秘書と野獣
「な、んでっ…ひどい、ですっ…こんな…」
「酷い? それはこっちのセリフだろうが。黙って俺を捨てようとした奴に言われる筋合いはねぇよ」
「そ、れは…だってっ…」
ぼろぼろと溢れ出した涙がそれ以上の言葉を奪う。
その通りだ。
私はこんな目にあっても文句なんて言えないくらいのことをしようとしていた。
社長は私がいなくなったことに気付いたら怒り狂うと思っていた。

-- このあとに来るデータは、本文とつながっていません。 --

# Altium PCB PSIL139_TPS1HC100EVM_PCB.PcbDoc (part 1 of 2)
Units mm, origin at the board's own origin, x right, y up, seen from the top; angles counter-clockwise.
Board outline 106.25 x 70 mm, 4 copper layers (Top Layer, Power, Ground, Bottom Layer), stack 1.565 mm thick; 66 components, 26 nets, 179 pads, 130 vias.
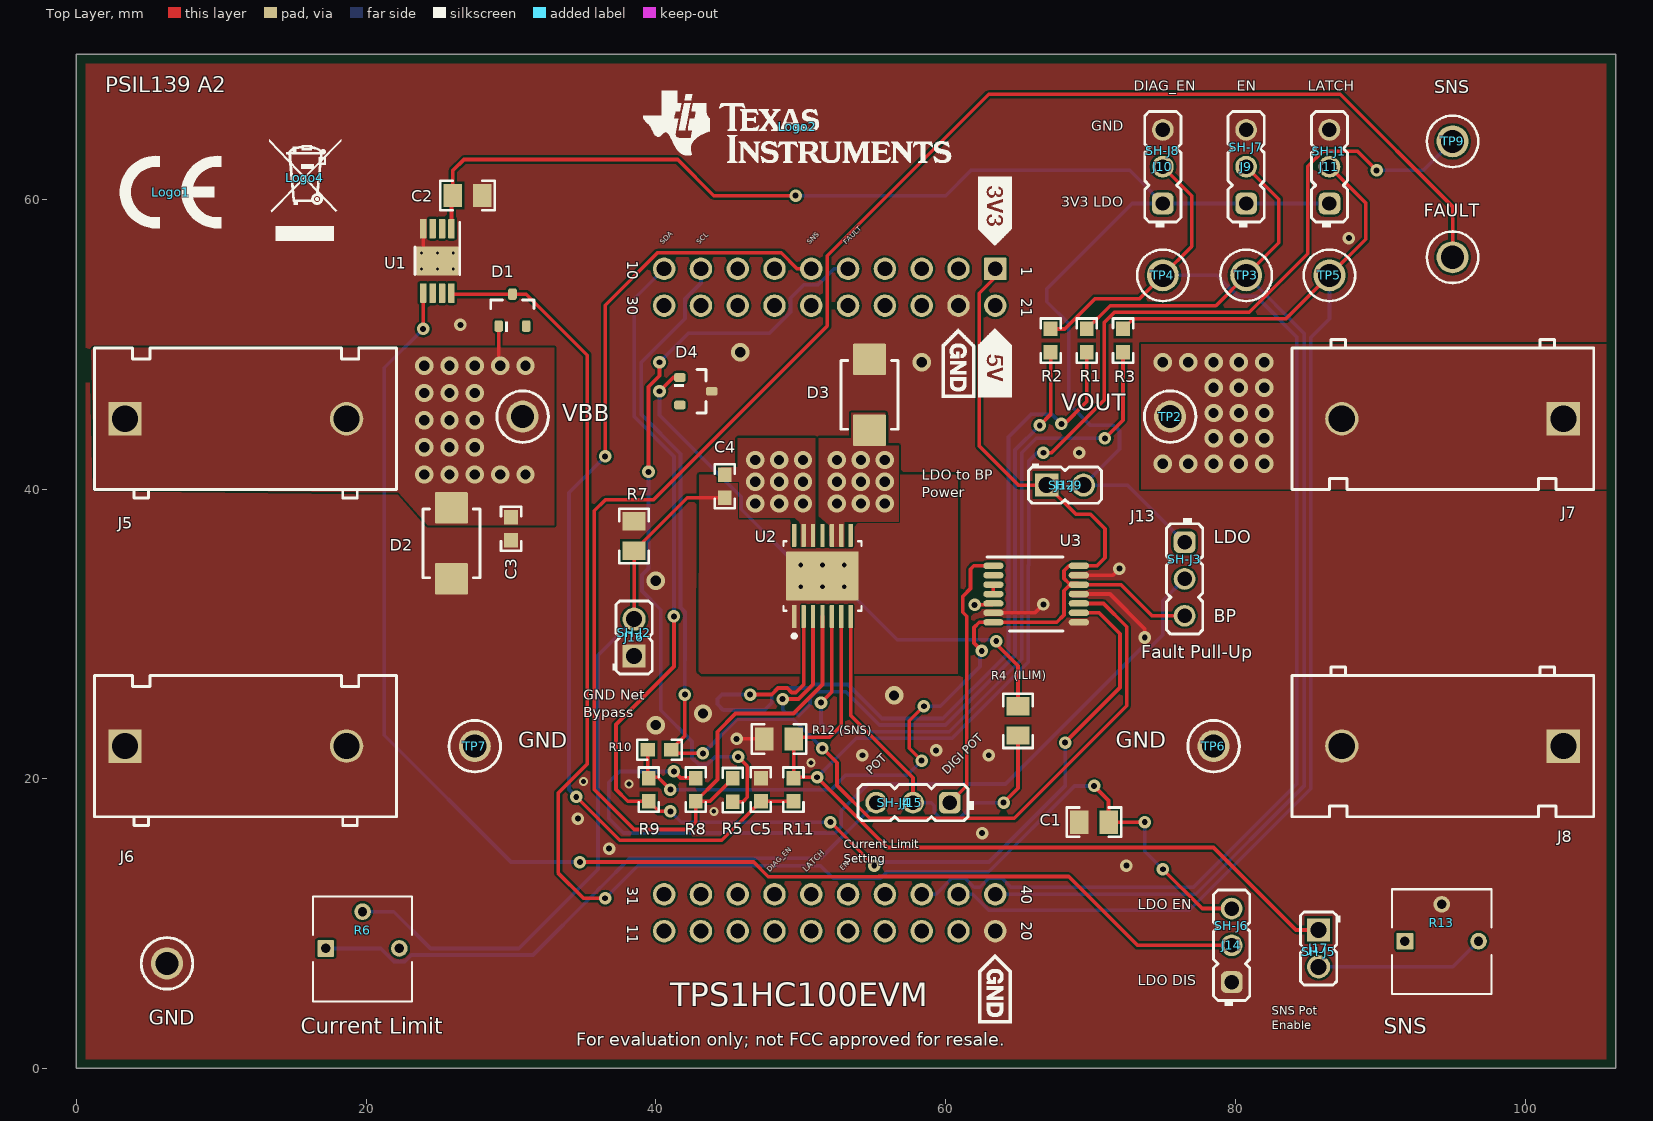
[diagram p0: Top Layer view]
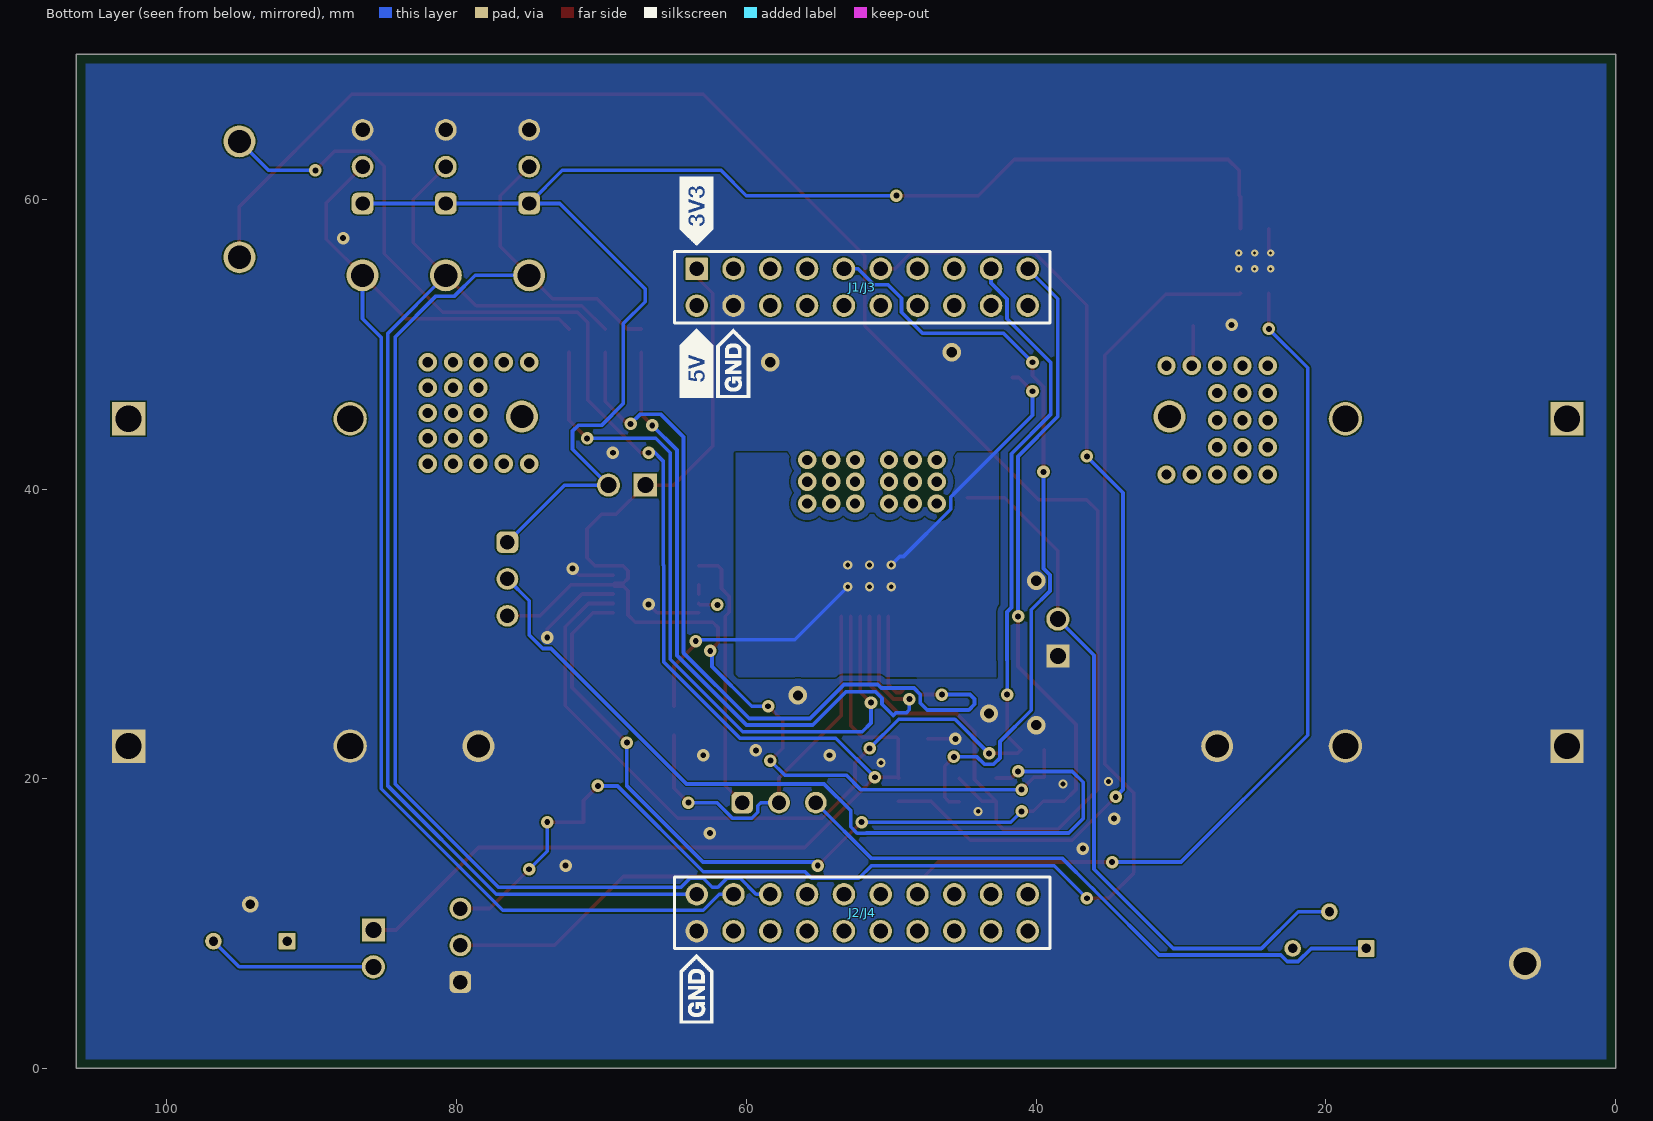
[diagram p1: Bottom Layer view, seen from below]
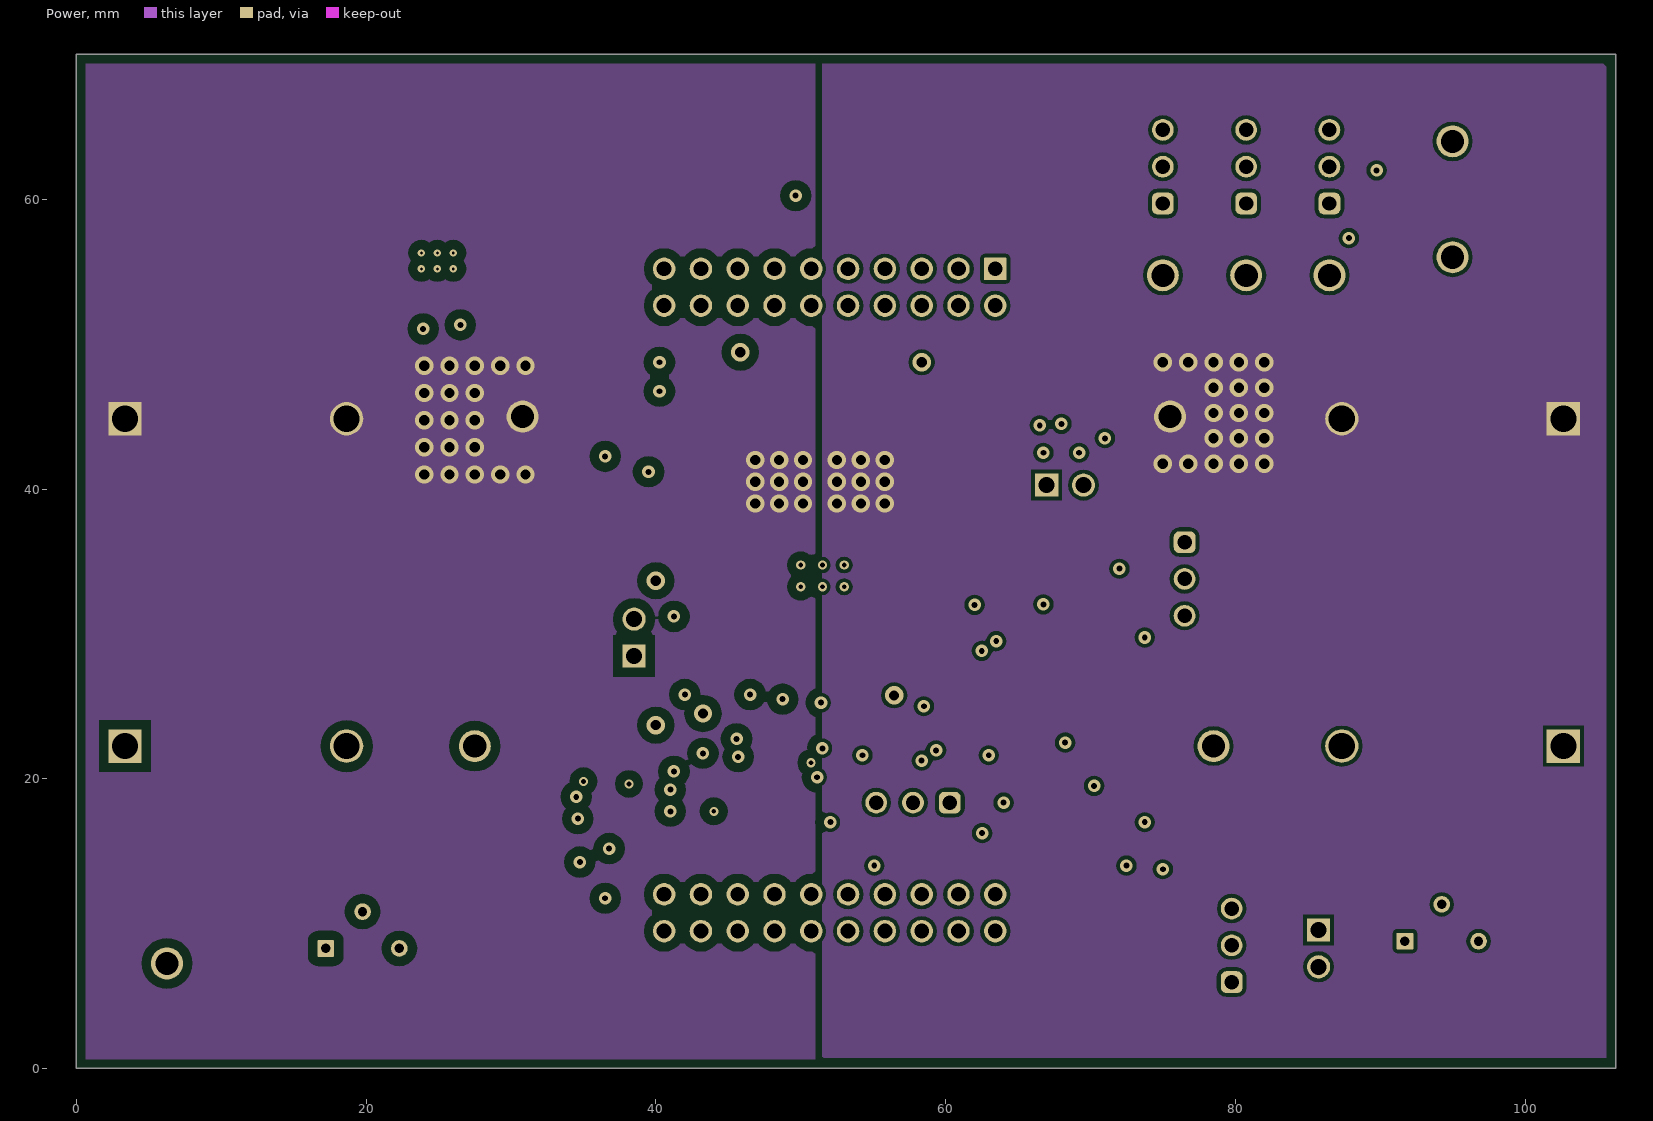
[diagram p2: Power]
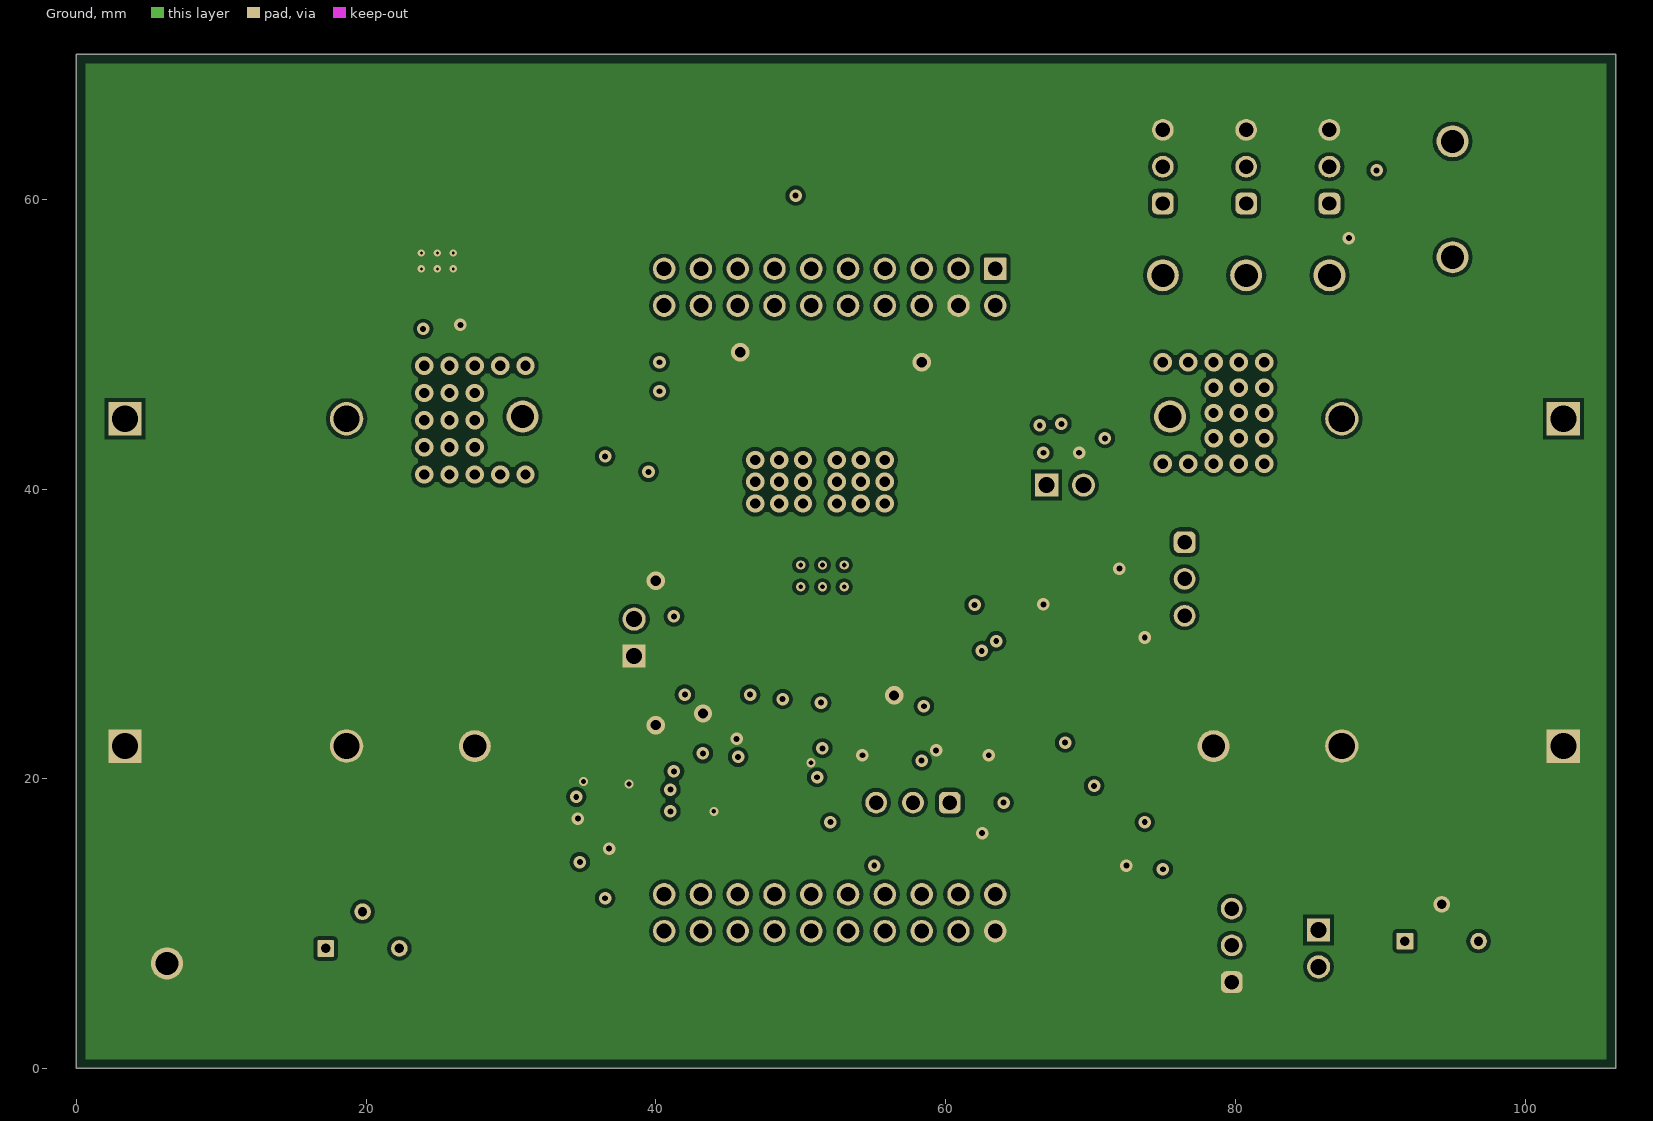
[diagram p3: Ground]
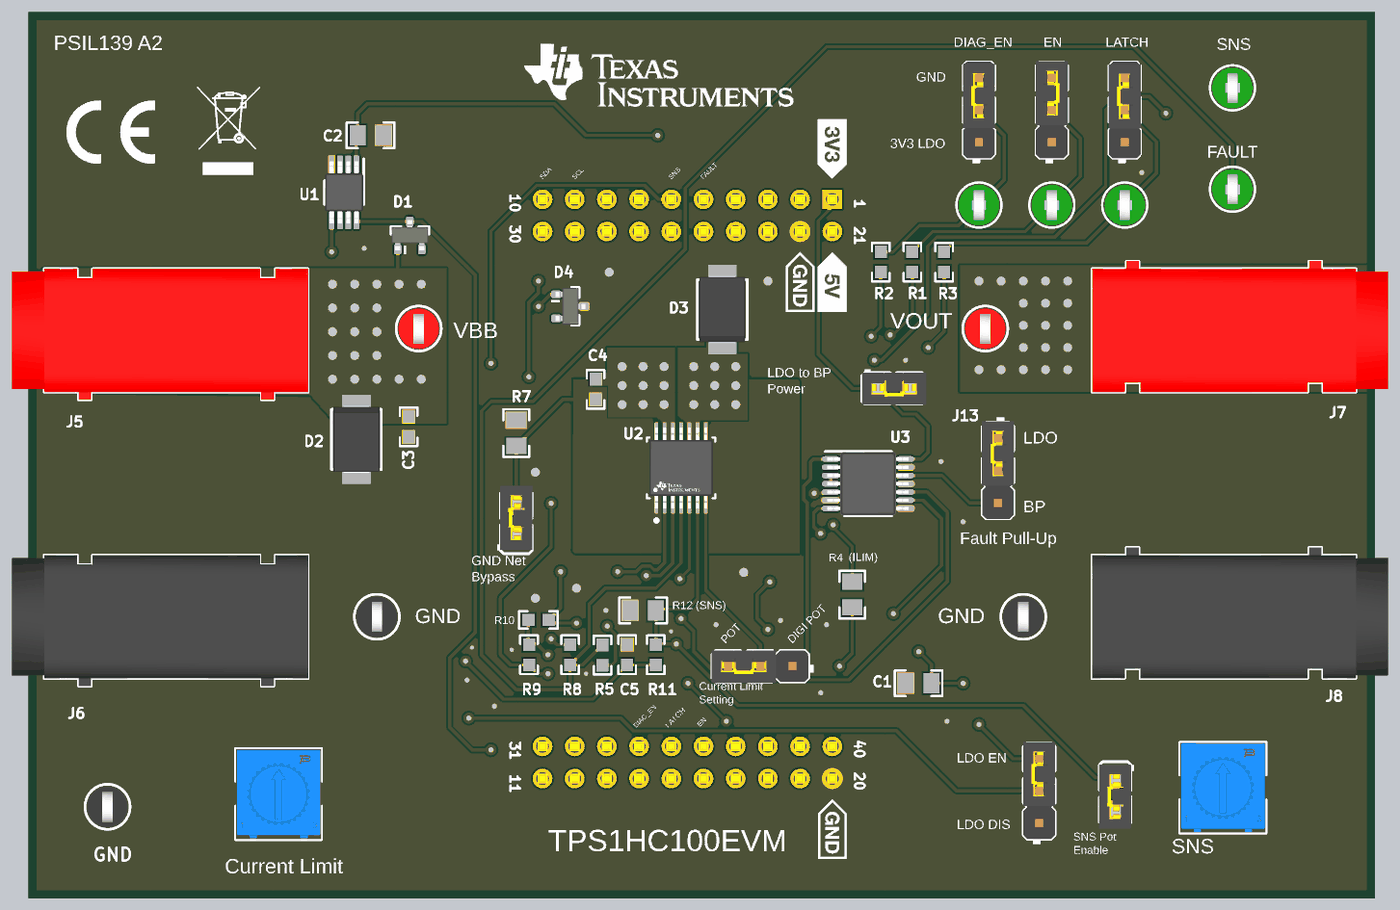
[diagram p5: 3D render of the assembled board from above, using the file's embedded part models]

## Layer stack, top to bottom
Top Solder: solder mask 0.0102, Solder Resist, Dk 3.5
Top Layer: signal copper 0.0356
Dielectric 1: dielectric 0.2032, Dk 4.2
Power: signal copper 0.0356
Dielectric 2: core 1.016, FR-4, Dk 4.8
Ground: signal copper 0.0356
Dielectric 3: dielectric 0.2032, Dk 4.2
Bottom Layer: signal copper 0.0356
Bottom Solder: solder mask 0.0102, Solder Resist, Dk 3.5

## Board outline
0,0 106.25,0 106.25,70 0,70

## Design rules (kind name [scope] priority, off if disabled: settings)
AcuteAngle [All] p1: minimum=4.50000000000000E+0001 checktracksonly=FALSE
AssemblyTestPointUsage [All] p1: valid=2
BoardOutlineClearance BoardOutlineClearance_MountingHoles [OnCopper and InComponentClass('Mounting Holes')] p1: gap=1 ignorepadtopadclearanceinfootprint=FALSE
BoardOutlineClearance BoardOutlineClearance_Poly [OnCopper and IsPoly] p2: gap=0.635 ignorepadtopadclearanceinfootprint=FALSE
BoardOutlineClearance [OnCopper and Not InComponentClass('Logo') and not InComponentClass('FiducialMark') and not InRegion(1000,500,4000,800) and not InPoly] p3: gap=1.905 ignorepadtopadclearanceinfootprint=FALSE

そしてこうして最初から計画を見抜いていた彼と直面して、やはり怒っているのだろうと思っていた。
今この瞬間までは。
でもそうじゃない。
彼は悲しんでいるのだ。
信頼を寄せていた私に、こんな形で裏切られるということに悲しんでいる。
私は、自分が傷つきたくないがために一番大事な人を傷付けていたのだ。
「ごめっなさっ…ごめんなさいっ……ごめんなさいっ…! うぅ゛ーーーーっ…」
顔を覆って大声で泣き始めた私に、呆れたようにはぁーーっと大きな溜め息をつくと、社長は覆い被さっていた私の体から離れた。
今度こそ本当の本当に愛想を尽かされた。そうわかっていても、一度壊れてしまった涙腺は元に戻ってはくれない。
「ったく…」
延々と泣き続ける私の背中に大きな手が差し込まれると、そのままいとも簡単に上半身が引き起こされた。直後パサリと剥き出しの体に何かがかけられる。
ふわっと鼻孔をくすぐった覚えのある香りに、それが社長の着ていたジャケットなのだと認識した途端、ますますダムは崩壊してしまった。